Innovation funding in Austria

The venture fund “IST cube”, launched in 2018 by the Institute of Science and Technology Austria (IST), in- vests primarily in life science and tech start-ups from the academic field. Markus Wanko, the founder and Managing Partner of IST cube, provides exclusive insights into the world of innovation financing. The interview was conducted by Gili Perl and Talin Schrattenholzer. 

Can you tell us a little about yourself and what you do at the Institute of Science and Technology? 

Markus Wanko: Twenty years ago, I was able to study at the Massachusetts Institute of Technology (MIT) in the United States because my (now) wife was awarded a Harvard Fellowship. I spent my time there not only at the business school, but also took a lot of courses from the natural sciences. That was the beginning of a certainly not deep, but perhaps broader, understanding of various disciplines, which I try to maintain and expand as best I can. 

Afterwards I worked for an investment fund and a global strategy consulting firm. Since our return to Austria in 2014, I have been busy at IST Austria setting up technology transfer and related projects. 

Universities in the US such as Harvard, Stanford, or MIT, have a considerably larger budget for research and development compared to Austrian universities. How do you see this? 

Wanko: Yes, the comparison between Europe and the US is often made and it has many dimensions. In budgetary terms, you are right, especially as far as the big research universities are concerned – MIT, for example, has an annual budget of $ 4 billion. 

Another aspect is the temporal dimension. The legal regulation that universities can commercially exploit the property rights of the inventions they’ve created – the socalled “Bayh-Dole Act” – has existed since the early 1980s. In many European countries, including Austria, this exploitation model was introduced in the early 2000s. In purely legal terms, therefore, the United States has already had a 20-year head start. In addition, the easier establishment of companies, risk appetite and differences in mentality certainly play a major role. 

What is the situation in Israel? 

Wanko: Of course, Israel is also a great example. Israel has leading research institutes, such as the Weizmann Institute, and a well-functioning venture capital scene, which incidentally did not come into being without public assistance. Many of today’s VC players have their origins in a project called Yozma from the 1980s. In order to launch venture capital, public money was utilized at that time to half-finance fund managers’ first funds. Over the years, these funds have become self-perpetuating and privately financed venture capital funds. 

Is there a need for reform in the area of innovation financing in Austria? 

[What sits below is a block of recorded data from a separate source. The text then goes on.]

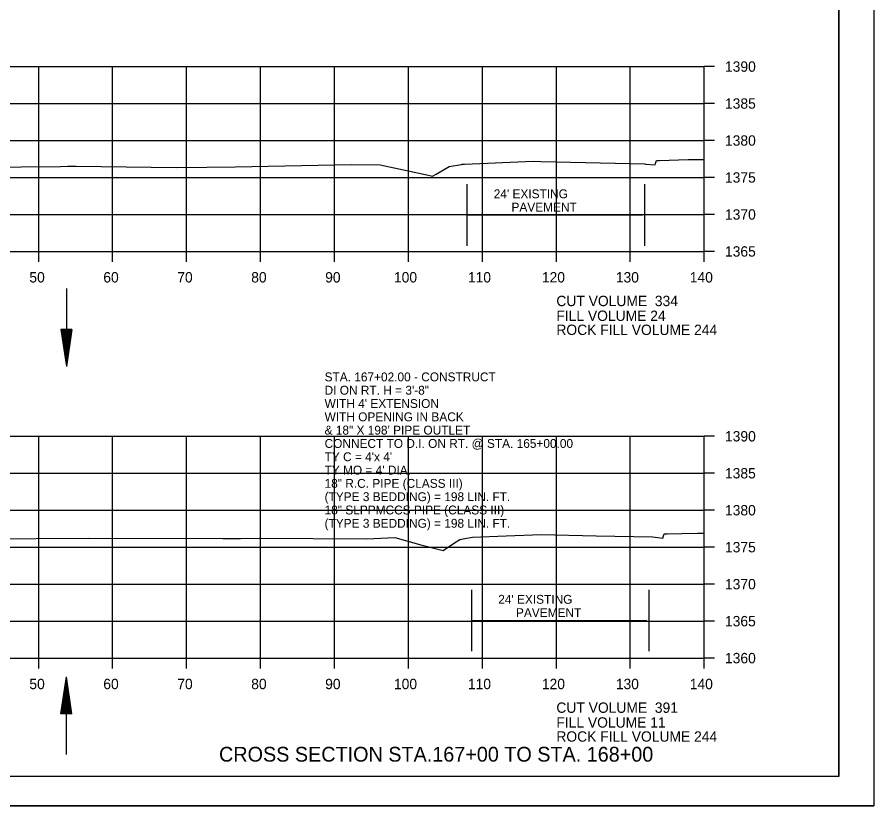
# Model space of a CAD drawing. Extents: x 1374311 to 1383814, y 384102 to 406278.
# Drawn here: x 1381675.7 to 1381791.6, y 395204.8 to 395311.5 of the extents above; entities that cross this region are included whole.
import ezdxf

# ---------------------------------------------------------------- set-up
doc = ezdxf.new("R2010")
doc.units = 0
for name, color, linetype in [('R_Axis', 7, 'Continuous'), ('R_Axis Annot', 7, 'Continuous'), ('R_Border', 7, 'Continuous'), ('R_Draft', 7, 'Continuous'), ('R_Exist Surface', 7, 'Continuous'), ('R_Grid', 7, 'Continuous'), ('R_No Plot', 7, 'Continuous'), ('R_Water', 7, 'Continuous'), ('R_Water Annot', 7, 'Continuous')]:
    doc.layers.add(name, color=color, linetype=linetype)

msp = doc.modelspace()

# ---------------------------------------------------------------- linework, layer by layer
at = {"layer": 'R_Axis'}
for p, q in [((1381768.66, 395279.82), (1381768.66, 395304.82)), ((1381770.06, 395304.82), (1381768.66, 395304.82)), ((1381770.06, 395299.82), (1381768.66, 395299.82)), ((1381770.06, 395294.82), (1381768.66, 395294.82)), ((1381770.06, 395289.82), (1381768.66, 395289.82)), ((1381770.06, 395284.82), (1381768.66, 395284.82)), ((1381488.66, 395279.82), (1381768.66, 395279.82)), ((1381678.66, 395278.42), (1381678.66, 395279.82)), ((1381688.66, 395278.42), (1381688.66, 395279.82)), ((1381698.66, 395278.42), (1381698.66, 395279.82)), ((1381708.66, 395278.42), (1381708.66, 395279.82)), ((1381718.66, 395278.42), (1381718.66, 395279.82)), ((1381728.66, 395278.42), (1381728.66, 395279.82)), ((1381738.66, 395278.42), (1381738.66, 395279.82)), ((1381748.66, 395278.42), (1381748.66, 395279.82)), ((1381758.66, 395278.42), (1381758.66, 395279.82)), ((1381768.66, 395278.42), (1381768.66, 395279.82)), ((1381770.06, 395279.82), (1381768.66, 395279.82)), ((1381768.66, 395224.82), (1381768.66, 395254.82)), ((1381770.06, 395254.82), (1381768.66, 395254.82)), ((1381770.06, 395249.82), (1381768.66, 395249.82)), ((1381770.06, 395244.82), (1381768.66, 395244.82)), ((1381770.06, 395239.82), (1381768.66, 395239.82)), ((1381770.06, 395234.82), (1381768.66, 395234.82)), ((1381770.06, 395229.82), (1381768.66, 395229.82)), ((1381488.66, 395224.82), (1381768.66, 395224.82)), ((1381678.66, 395223.42), (1381678.66, 395224.82)), ((1381688.66, 395223.42), (1381688.66, 395224.82)), ((1381698.66, 395223.42), (1381698.66, 395224.82)), ((1381708.66, 395223.42), (1381708.66, 395224.82)), ((1381718.66, 395223.42), (1381718.66, 395224.82)), ((1381728.66, 395223.42), (1381728.66, 395224.82)), ((1381738.66, 395223.42), (1381738.66, 395224.82)), ((1381748.66, 395223.42), (1381748.66, 395224.82)), ((1381758.66, 395223.42), (1381758.66, 395224.82)), ((1381768.66, 395223.42), (1381768.66, 395224.82)), ((1381770.06, 395224.82), (1381768.66, 395224.82))]:
    msp.add_line(p, q, dxfattribs=at)
at = {"layer": 'R_Border'}
for q in [(1381786.84, 395414.28), (1381470.66, 395208.82)]:
    msp.add_line((1381786.84, 395208.82), q, dxfattribs=at)
at = {"layer": 'R_Draft'}
for p, q in [((1381681.65, 395269.28), (1381682.4, 395264.28)), ((1381683.15, 395269.28), (1381681.65, 395269.28)), ((1381681.78, 395269.28), (1381682.4, 395265.11)), ((1381681.91, 395269.28), (1381682.4, 395265.97)), ((1381682.03, 395269.28), (1381682.4, 395266.81)), ((1381682.16, 395269.28), (1381682.4, 395267.65)), ((1381682.29, 395269.28), (1381682.4, 395268.49)), ((1381683.15, 395269.28), (1381682.4, 395264.28)), ((1381682.65, 395269.28), (1381682.4, 395267.65)), ((1381682.9, 395269.28), (1381682.4, 395265.97)), ((1381683.03, 395269.28), (1381682.4, 395265.11)), ((1381682.78, 395269.28), (1381682.4, 395266.81)), ((1381682.52, 395269.28), (1381682.4, 395268.49)), ((1381681.65, 395217.27), (1381682.4, 395222.27)), ((1381683.15, 395217.27), (1381682.4, 395222.27)), ((1381681.78, 395217.27), (1381682.4, 395221.44)), ((1381683.03, 395217.27), (1381682.4, 395221.44)), ((1381681.91, 395217.27), (1381682.4, 395220.58)), ((1381682.03, 395217.27), (1381682.4, 395219.74)), ((1381682.9, 395217.27), (1381682.4, 395220.58)), ((1381682.78, 395217.27), (1381682.4, 395219.74)), ((1381682.16, 395217.27), (1381682.4, 395218.9)), ((1381682.65, 395217.27), (1381682.4, 395218.9)), ((1381682.29, 395217.27), (1381682.4, 395218.06)), ((1381682.52, 395217.27), (1381682.4, 395218.06)), ((1381683.15, 395217.27), (1381681.65, 395217.27))]:
    msp.add_line(p, q, dxfattribs=at)
at = {"layer": 'R_Exist Surface'}
for points in [[(1381660.29, 395291.12), (1381681.61, 395291.32), (1381682.54, 395291.33), (1381683.73, 395291.33), (1381697.23, 395291.15), (1381701.41, 395291.2), (1381705.21, 395291.25), (1381720.92, 395291.59), (1381724.85, 395291.54), (1381731.14, 395290.17), (1381731.91, 395290), (1381732.41, 395290.29), (1381734.16, 395291.3), (1381735.85, 395291.59), (1381735.93, 395291.61), (1381736.23, 395291.62), (1381745.5, 395292.03), (1381746.57, 395292), (1381760.61, 395291.65), (1381760.7, 395291.64), (1381762.01, 395291.51), (1381762.07, 395291.69), (1381762.21, 395292.11), (1381762.33, 395292.11), (1381762.61, 395292.11), (1381766.47, 395292.25), (1381766.72, 395292.26), (1381767, 395292.26), (1381768.66, 395292.26)], [(1381671.14, 395240.95), (1381685.39, 395241.03), (1381703.58, 395240.99), (1381704.06, 395240.98), (1381705.94, 395241), (1381708.49, 395241.02), (1381723.04, 395240.94), (1381726.8, 395241.12), (1381730.34, 395240.16), (1381733.35, 395239.38), (1381734.75, 395240.3), (1381735.62, 395240.87), (1381736.26, 395240.98), (1381737.32, 395241.17), (1381741.88, 395241.34), (1381746.62, 395241.54), (1381754.03, 395241.37), (1381761.64, 395241.2), (1381762.37, 395241.11), (1381763.05, 395241.03), (1381763.15, 395241.34), (1381763.25, 395241.63), (1381763.46, 395241.63), (1381763.65, 395241.63), (1381765.61, 395241.67), (1381767.72, 395241.71), (1381768.66, 395241.71)]]:
    msp.add_lwpolyline(points, dxfattribs=at)
at = {"layer": 'R_Grid'}
for p, q in [((1381488.66, 395304.82), (1381768.66, 395304.82)), ((1381678.66, 395279.82), (1381678.66, 395304.82)), ((1381688.66, 395279.82), (1381688.66, 395304.82)), ((1381698.66, 395279.82), (1381698.66, 395304.82)), ((1381708.66, 395279.82), (1381708.66, 395304.82)), ((1381718.66, 395279.82), (1381718.66, 395304.82)), ((1381728.66, 395279.82), (1381728.66, 395304.82)), ((1381738.66, 395279.82), (1381738.66, 395304.82)), ((1381748.66, 395279.82), (1381748.66, 395304.82)), ((1381758.66, 395279.82), (1381758.66, 395304.82)), ((1381768.66, 395279.82), (1381768.66, 395304.82)), ((1381488.66, 395299.82), (1381768.66, 395299.82)), ((1381488.66, 395294.82), (1381768.66, 395294.82)), ((1381488.66, 395289.82), (1381768.66, 395289.82)), ((1381488.66, 395284.82), (1381768.66, 395284.82)), ((1381488.66, 395279.82), (1381768.66, 395279.82)), ((1381488.66, 395254.82), (1381768.66, 395254.82)), ((1381678.66, 395224.82), (1381678.66, 395254.82)), ((1381688.66, 395224.82), (1381688.66, 395254.82)), ((1381698.66, 395224.82), (1381698.66, 395254.82)), ((1381708.66, 395224.82), (1381708.66, 395254.82)), ((1381718.66, 395224.82), (1381718.66, 395254.82)), ((1381728.66, 395224.82), (1381728.66, 395254.82)), ((1381738.66, 395224.82), (1381738.66, 395254.82)), ((1381748.66, 395224.82), (1381748.66, 395254.82)), ((1381758.66, 395224.82), (1381758.66, 395254.82)), ((1381768.66, 395224.82), (1381768.66, 395254.82)), ((1381488.66, 395249.82), (1381768.66, 395249.82)), ((1381488.66, 395244.82), (1381768.66, 395244.82)), ((1381488.66, 395239.82), (1381768.66, 395239.82)), ((1381488.66, 395234.82), (1381768.66, 395234.82)), ((1381488.66, 395229.82), (1381768.66, 395229.82)), ((1381488.66, 395224.82), (1381768.66, 395224.82))]:
    msp.add_line(p, q, dxfattribs=at)
at = {"layer": 'R_No Plot'}
msp.add_line((1381458.26, 395204.84), (1381791.59, 395204.84), dxfattribs=at)
for points in [[(1381458.25, 395418.18), (1381791.59, 395418.18), (1381791.59, 395204.84), (1381458.25, 395204.84)], [(1381704.58, 395414.28), (1381704.58, 395404.4), (1381740.31, 395404.4), (1381740.31, 395401.48), (1381763.51, 395401.48), (1381763.51, 395378.27), (1381786.84, 395378.27), (1381786.84, 395208.82), (1381470.66, 395208.82), (1381470.66, 395414.28)]]:
    msp.add_lwpolyline(points, close=True, dxfattribs=at)
at = {"layer": 'R_Water'}
for p, q in [((1381736.6, 395280.58), (1381736.6, 395288.91)), ((1381760.6, 395280.58), (1381760.6, 395288.91)), ((1381736.6, 395284.75), (1381760.29, 395284.75)), ((1381682.4, 395274.79), (1381682.4, 395264.28)), ((1381737.21, 395225.75), (1381737.21, 395234.07)), ((1381761.21, 395225.75), (1381761.21, 395234.07)), ((1381737.21, 395229.91), (1381760.9, 395229.91)), ((1381682.4, 395211.77), (1381682.4, 395222.27))]:
    msp.add_line(p, q, dxfattribs=at)

# ---------------------------------------------------------------- texts
at = {"layer": 'R_Axis Annot'}
for s, p in [('1390', (1381771.46, 395304.12)), ('1385', (1381771.46, 395299.12)), ('1380', (1381771.46, 395294.12)), ('1375', (1381771.46, 395289.12)), ('1370', (1381771.46, 395284.12)), ('1365', (1381771.46, 395279.12)), ('50', (1381677.4, 395275.62)), ('60', (1381687.4, 395275.62)), ('70', (1381697.4, 395275.62)), ('80', (1381707.4, 395275.62)), ('90', (1381717.4, 395275.62)), ('100', (1381726.7, 395275.62)), ('110', (1381736.7, 395275.62)), ('120', (1381746.7, 395275.62)), ('130', (1381756.7, 395275.62)), ('140', (1381766.7, 395275.62)), ('CUT VOLUME  334', (1381748.66, 395272.42)), ('FILL VOLUME 24', (1381748.66, 395270.42)), ('ROCK FILL VOLUME 244', (1381748.66, 395268.52)), ('1390', (1381771.46, 395254.12)), ('1385', (1381771.46, 395249.12)), ('1380', (1381771.46, 395244.12)), ('1375', (1381771.46, 395239.12)), ('1370', (1381771.46, 395234.12)), ('1365', (1381771.46, 395229.12)), ('1360', (1381771.46, 395224.12)), ('50', (1381677.4, 395220.62)), ('60', (1381687.4, 395220.62)), ('70', (1381697.4, 395220.62)), ('80', (1381707.4, 395220.62)), ('90', (1381717.4, 395220.62)), ('100', (1381726.7, 395220.62)), ('110', (1381736.7, 395220.62)), ('120', (1381746.7, 395220.62)), ('130', (1381756.7, 395220.62)), ('140', (1381766.7, 395220.62)), ('CUT VOLUME  391', (1381748.66, 395217.42)), ('FILL VOLUME 11', (1381748.66, 395215.42)), ('ROCK FILL VOLUME 244', (1381748.66, 395213.52))]:
    msp.add_text(s, height=1.4, dxfattribs=at).set_placement(p)
at = {"layer": 'R_Draft'}
msp.add_text('CROSS SECTION STA.167+00 TO STA. 168+00', height=2, dxfattribs=at).set_placement((1381703.05, 395210.82))
at = {"layer": 'R_Water'}
for s, p in [("24' EXISTING ", (1381740.19, 395287.01)), ('PAVEMENT', (1381742.59, 395285.21)), ("24' EXISTING ", (1381740.8, 395232.17)), ('PAVEMENT', (1381743.2, 395230.37))]:
    msp.add_text(s, height=1.2, dxfattribs=at).set_placement(p)
at = {"layer": 'R_Water Annot'}
for s, p in [('STA. 167+02.00 - CONSTRUCT', (1381717.32, 395262.25)), ('DI ON RT. H = 3\'-8"', (1381717.32, 395260.45)), ("WITH 4' EXTENSION ", (1381717.32, 395258.65)), ('WITH OPENING IN BACK', (1381717.32, 395256.85)), ('& 18" X 198\' PIPE OUTLET', (1381717.32, 395255.05)), ('CONNECT TO D.I. ON RT. @ STA. 165+00.00', (1381717.32, 395253.25)), ("TY C = 4'x 4'", (1381717.32, 395251.45)), ("TY MO = 4' DIA.", (1381717.32, 395249.65)), ('18" R.C. PIPE (CLASS III)', (1381717.32, 395247.85)), ('(TYPE 3 BEDDING) = 198 LIN. FT.', (1381717.32, 395246.05)), ('18" SLPPMCCS PIPE (CLASS III)', (1381717.32, 395244.25)), ('(TYPE 3 BEDDING) = 198 LIN. FT.', (1381717.32, 395242.45))]:
    msp.add_text(s, height=1.2, dxfattribs=at).set_placement(p)

doc.saveas('drawing.dxf')

Wanko: In research funding, Austria differentiates strongly between basic and applied research, a distinction that is not at all trivial depending on the discipline. And the area of business-led cooperative research is consistently well-funded, while competitive basic research is underfunded by international standards. However, many examples show that this is precisely the source of groundbreaking new ideas and companies. For this reason I am particularly pleased that a conscious and courageous step was taken in this direction with the establishment of IST Austria in 2006. 

In the field of venture capital financing, Austria still ekes out an existence that is out of all proportion with the potential of science in this country. This was one of the reasons for the establishment of IST cube, a fund specifically dedicated to spin-offs from Austrian research institutions. 

Does the Institute of Science and Technology have a particular research focus? 

Wanko: No, there is deliberately no singular research focus. We are a multidisciplinary research institute that encourages exchange and collaboration across all research areas. This is modeled on the Weizmann Institute, which is also very broadly based. At the Institute we have brought together representatives of all major disciplines: from physics, chemistry, neuroscience and biology, to mathematics and computer science. 

What connects IST with the Weizmann Institute? 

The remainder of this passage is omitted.